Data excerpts
>>>>>
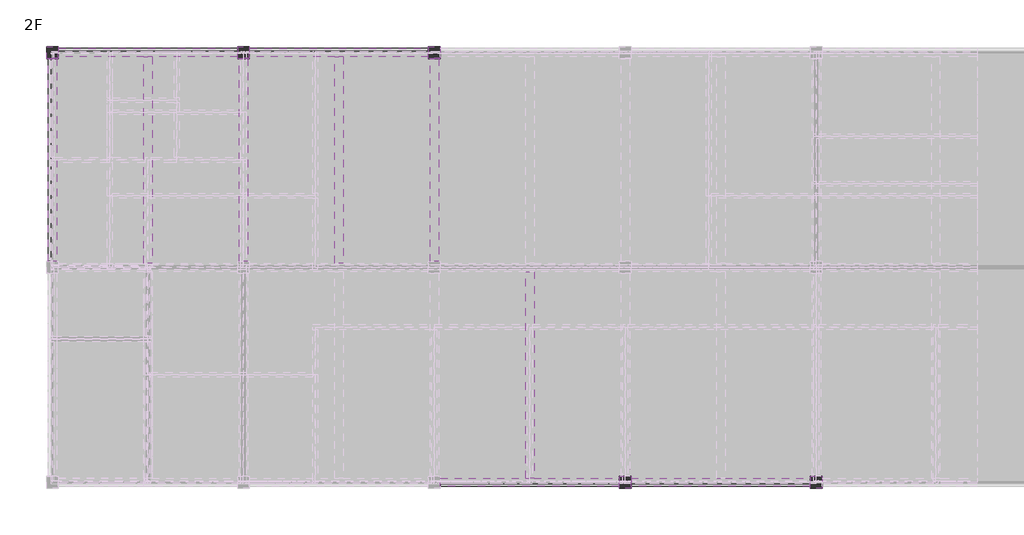
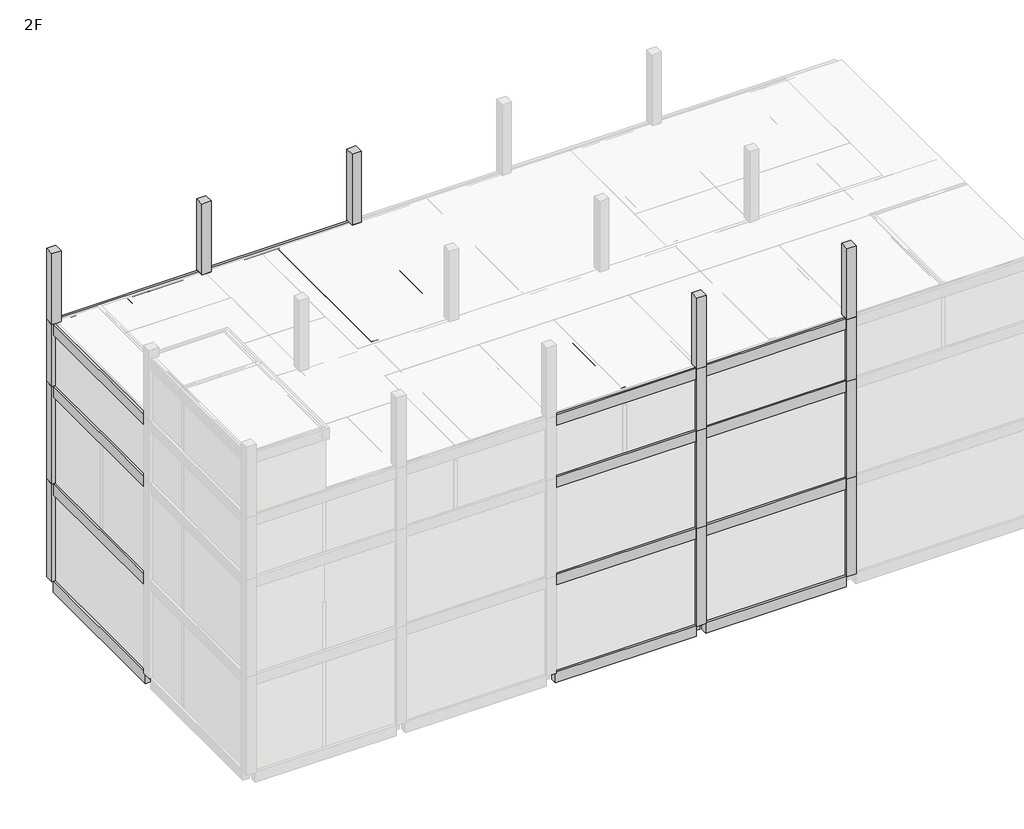
# One storey, part 5 of 7: 42 beams, 20 columns.
"""IFC4 building model written with IfcOpenShell, lengths in millimetres."""

from ifc_helpers import new_model, si_unit, frame, origin, place, context, project, spatial, polyline, outline, extrude, faceted_brep, element, save

model = new_model("IFC4")

# Units and contexts
model_context = context("Model", 3, world=origin())
ifc_project = project(units=[si_unit("LENGTHUNIT", "METRE", prefix="MILLI")], contexts=[model_context])

# Site, building, storey
site = spatial("IfcSite", under=ifc_project)
building = spatial("IfcBuilding", under=site)
storey = spatial("IfcBuildingStorey", under=building, Name="2F", Elevation=3500.0)

# Beams
placement = place(None, origin())
element("IfcBeam", 1, ObjectType="Concrete-Rectangular-Beam : BM111_400x500_RG1", at=placement, inside=storey, context=model_context, shape_type="SweptSolid", body=[
    extrude(outline(polyline([(49284.6521483, 181748.8614395), (49634.6521483, 181748.8614395), (49634.6521483, 173098.8614395), (49284.6521483, 173098.8614395), (49284.6521483, 181748.8614395)])), frame((0.0, 0.0, 2900.0), z_axis=(0.0, 0.0, 1.0), x_axis=(1.0, 0.0, 0.0)), (0.0, 0.0, 1.0), 600.0),
])
element("IfcBeam", 2, ObjectType="Concrete-Rectangular-Beam : BM111_400x500_RG1", at=placement, inside=storey, context=model_context, shape_type="SweptSolid", body=[
    extrude(outline(polyline([(57634.6521483, 173098.8614395), (57284.6521483, 173098.8614395), (57284.6521483, 181748.8614395), (57634.6521483, 181748.8614395), (57634.6521483, 173098.8614395)])), frame((0.0, 0.0, 2900.0), z_axis=(0.0, 0.0, 1.0), x_axis=(1.0, 0.0, 0.0)), (0.0, 0.0, 1.0), 600.0),
])
element("IfcBeam", 3, ObjectType="Concrete-Rectangular-Beam : BM111_400x500_RG1", at=placement, inside=storey, context=model_context, shape_type="SweptSolid", body=[
    extrude(outline(polyline([(65284.6521483, 172748.8614395), (65634.6521483, 172748.8614395), (65634.6521483, 164098.8614395), (65284.6521483, 164098.8614395), (65284.6521483, 172748.8614395)])), frame((0.0, 0.0, 2900.0), z_axis=(0.0, 0.0, 1.0), x_axis=(1.0, 0.0, 0.0)), (0.0, 0.0, 1.0), 600.0),
])
element("IfcBeam", 4, ObjectType="Concrete-Rectangular-Beam : BM111_400x500_RG1", at=placement, inside=storey, context=model_context, shape_type="SweptSolid", body=[
    extrude(outline(polyline([(49284.6521483, 181748.8614395), (49634.6521483, 181748.8614395), (49634.6521483, 173098.8614395), (49284.6521483, 173098.8614395), (49284.6521483, 181748.8614395)])), frame((0.0, 0.0, 8400.0), z_axis=(0.0, 0.0, 1.0), x_axis=(1.0, 0.0, 0.0)), (0.0, 0.0, 1.0), 600.0),
])
element("IfcBeam", 5, ObjectType="Concrete-Rectangular-Beam : BM111_400x500_RG1", at=placement, inside=storey, context=model_context, shape_type="SweptSolid", body=[
    extrude(outline(polyline([(57634.6521483, 173098.8614395), (57284.6521483, 173098.8614395), (57284.6521483, 181748.8614395), (57634.6521483, 181748.8614395), (57634.6521483, 173098.8614395)])), frame((0.0, 0.0, 8400.0), z_axis=(0.0, 0.0, 1.0), x_axis=(1.0, 0.0, 0.0)), (0.0, 0.0, 1.0), 600.0),
])
element("IfcBeam", 6, ObjectType="Concrete-Rectangular-Beam : BM111_400x500_RG1", at=placement, inside=storey, context=model_context, shape_type="SweptSolid", body=[
    extrude(outline(polyline([(65284.6521483, 172748.8614395), (65634.6521483, 172748.8614395), (65634.6521483, 164098.8614395), (65284.6521483, 164098.8614395), (65284.6521483, 172748.8614395)])), frame((0.0, 0.0, 8400.0), z_axis=(0.0, 0.0, 1.0), x_axis=(1.0, 0.0, 0.0)), (0.0, 0.0, 1.0), 600.0),
])
element("IfcBeam", 7, ObjectType="Concrete-Rectangular-Beam : BM111_400x500_RG1", at=placement, inside=storey, context=model_context, shape_type="SweptSolid", body=[
    extrude(outline(polyline([(49284.6521483, 181748.8614395), (49634.6521483, 181748.8614395), (49634.6521483, 173098.8614395), (49284.6521483, 173098.8614395), (49284.6521483, 181748.8614395)])), frame((0.0, 0.0, 13900.0), z_axis=(0.0, 0.0, 1.0), x_axis=(1.0, 0.0, 0.0)), (0.0, 0.0, 1.0), 600.0),
])
element("IfcBeam", 8, ObjectType="Concrete-Rectangular-Beam : BM111_400x500_RG1", at=placement, inside=storey, context=model_context, shape_type="SweptSolid", body=[
    extrude(outline(polyline([(57634.6521483, 173098.8614395), (57284.6521483, 173098.8614395), (57284.6521483, 181748.8614395), (57634.6521483, 181748.8614395), (57634.6521483, 173098.8614395)])), frame((0.0, 0.0, 13900.0), z_axis=(0.0, 0.0, 1.0), x_axis=(1.0, 0.0, 0.0)), (0.0, 0.0, 1.0), 600.0),
])
element("IfcBeam", 9, ObjectType="Concrete-Rectangular-Beam : BM111_400x500_RG1", at=placement, inside=storey, context=model_context, shape_type="SweptSolid", body=[
    extrude(outline(polyline([(65284.6521483, 172748.8614395), (65634.6521483, 172748.8614395), (65634.6521483, 164098.8614395), (65284.6521483, 164098.8614395), (65284.6521483, 172748.8614395)])), frame((0.0, 0.0, 13900.0), z_axis=(0.0, 0.0, 1.0), x_axis=(1.0, 0.0, 0.0)), (0.0, 0.0, 1.0), 600.0),
])
element("IfcBeam", 10, ObjectType="Concrete-Rectangular-Beam : BM111_400x500_RG1", at=placement, inside=storey, context=model_context, shape_type="SweptSolid", body=[
    extrude(outline(polyline([(49284.6521483, 181748.8614395), (49634.6521483, 181748.8614395), (49634.6521483, 173098.8614395), (49284.6521483, 173098.8614395), (49284.6521483, 181748.8614395)])), frame((0.0, 0.0, 17400.0), z_axis=(0.0, 0.0, 1.0), x_axis=(1.0, 0.0, 0.0)), (0.0, 0.0, 1.0), 600.0),
])
element("IfcBeam", 11, ObjectType="Concrete-Rectangular-Beam : BM111_400x500_RG1", at=placement, inside=storey, context=model_context, shape_type="SweptSolid", body=[
    extrude(outline(polyline([(57634.6521483, 173098.8614395), (57284.6521483, 173098.8614395), (57284.6521483, 181748.8614395), (57634.6521483, 181748.8614395), (57634.6521483, 173098.8614395)])), frame((0.0, 0.0, 17400.0), z_axis=(0.0, 0.0, 1.0), x_axis=(1.0, 0.0, 0.0)), (0.0, 0.0, 1.0), 600.0),
])
element("IfcBeam", 12, ObjectType="Concrete-Rectangular-Beam : BM111_400x500_RG1", at=placement, inside=storey, context=model_context, shape_type="SweptSolid", body=[
    extrude(outline(polyline([(65284.6521483, 172748.8614395), (65634.6521483, 172748.8614395), (65634.6521483, 164098.8614395), (65284.6521483, 164098.8614395), (65284.6521483, 172748.8614395)])), frame((0.0, 0.0, 17400.0), z_axis=(0.0, 0.0, 1.0), x_axis=(1.0, 0.0, 0.0)), (0.0, 0.0, 1.0), 600.0),
])
element("IfcBeam", 13, ObjectType="Concrete-Rectangular-Beam : BM111_400x500_RG1", at=placement, inside=storey, context=model_context, shape_type="Brep", body=[
    faceted_brep([(45709.6521483, 182098.8614395, 3500.0), (45709.6521483, 181748.8614395, 3500.0), (49284.6521483, 181748.8614395, 3500.0), (49634.6521483, 181748.8614395, 3500.0), (53209.6521483, 181748.8614395, 3500.0), (53209.6521483, 182098.8614395, 3500.0), (45709.6521483, 181748.8614395, 2900.0), (49284.6521483, 181748.8614395, 2900.0), (49634.6521483, 181748.8614395, 2900.0), (53209.6521483, 181748.8614395, 2900.0), (45709.6521483, 182098.8614395, 2900.0), (53209.6521483, 182098.8614395, 2900.0)], [[[0, 1, 2, 3, 4, 5]], [[1, 6, 7, 8, 9, 4, 3, 2]], [[6, 10, 11, 9, 8, 7]], [[10, 0, 5, 11]], [[1, 0, 10, 6]], [[5, 4, 9, 11]]]),
])
element("IfcBeam", 14, ObjectType="Concrete-Rectangular-Beam : BM111_400x500_RG1", at=placement, inside=storey, context=model_context, shape_type="Brep", body=[
    faceted_brep([(53709.6521483, 182098.8614395, 3500.0), (53709.6521483, 181748.8614395, 3500.0), (57284.6521483, 181748.8614395, 3500.0), (57634.6521483, 181748.8614395, 3500.0), (61209.6521483, 181748.8614395, 3500.0), (61209.6521483, 182098.8614395, 3500.0), (53709.6521483, 181748.8614395, 2900.0), (57284.6521483, 181748.8614395, 2900.0), (57634.6521483, 181748.8614395, 2900.0), (61209.6521483, 181748.8614395, 2900.0), (53709.6521483, 182098.8614395, 2900.0), (61209.6521483, 182098.8614395, 2900.0)], [[[0, 1, 2, 3, 4, 5]], [[1, 6, 7, 8, 9, 4, 3, 2]], [[6, 10, 11, 9, 8, 7]], [[10, 0, 5, 11]], [[1, 0, 10, 6]], [[5, 4, 9, 11]]]),
])
element("IfcBeam", 15, ObjectType="Concrete-Rectangular-Beam : BM111_400x500_RG1", at=placement, inside=storey, context=model_context, shape_type="Brep", body=[
    faceted_brep([(61709.6521483, 164098.8614395, 3500.0), (61709.6521483, 163748.8614395, 3500.0), (69209.6521483, 163748.8614395, 3500.0), (69209.6521483, 164098.8614395, 3500.0), (65634.6521483, 164098.8614395, 3500.0), (65284.6521483, 164098.8614395, 3500.0), (61709.6521483, 163748.8614395, 2900.0), (69209.6521483, 163748.8614395, 2900.0), (61709.6521483, 164098.8614395, 2900.0), (65284.6521483, 164098.8614395, 2900.0), (65634.6521483, 164098.8614395, 2900.0), (69209.6521483, 164098.8614395, 2900.0)], [[[0, 1, 2, 3, 4, 5]], [[1, 6, 7, 2]], [[6, 8, 9, 10, 11, 7]], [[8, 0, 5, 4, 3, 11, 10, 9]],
<<<<<
Select and copy every line from the records that includes the word "origin".

from ifc_helpers import new_model, si_unit, frame, origin, place, context, project, spatial, polyline, outline, extrude, faceted_brep, element, save
model_context = context("Model", 3, world=origin())
placement = place(None, origin())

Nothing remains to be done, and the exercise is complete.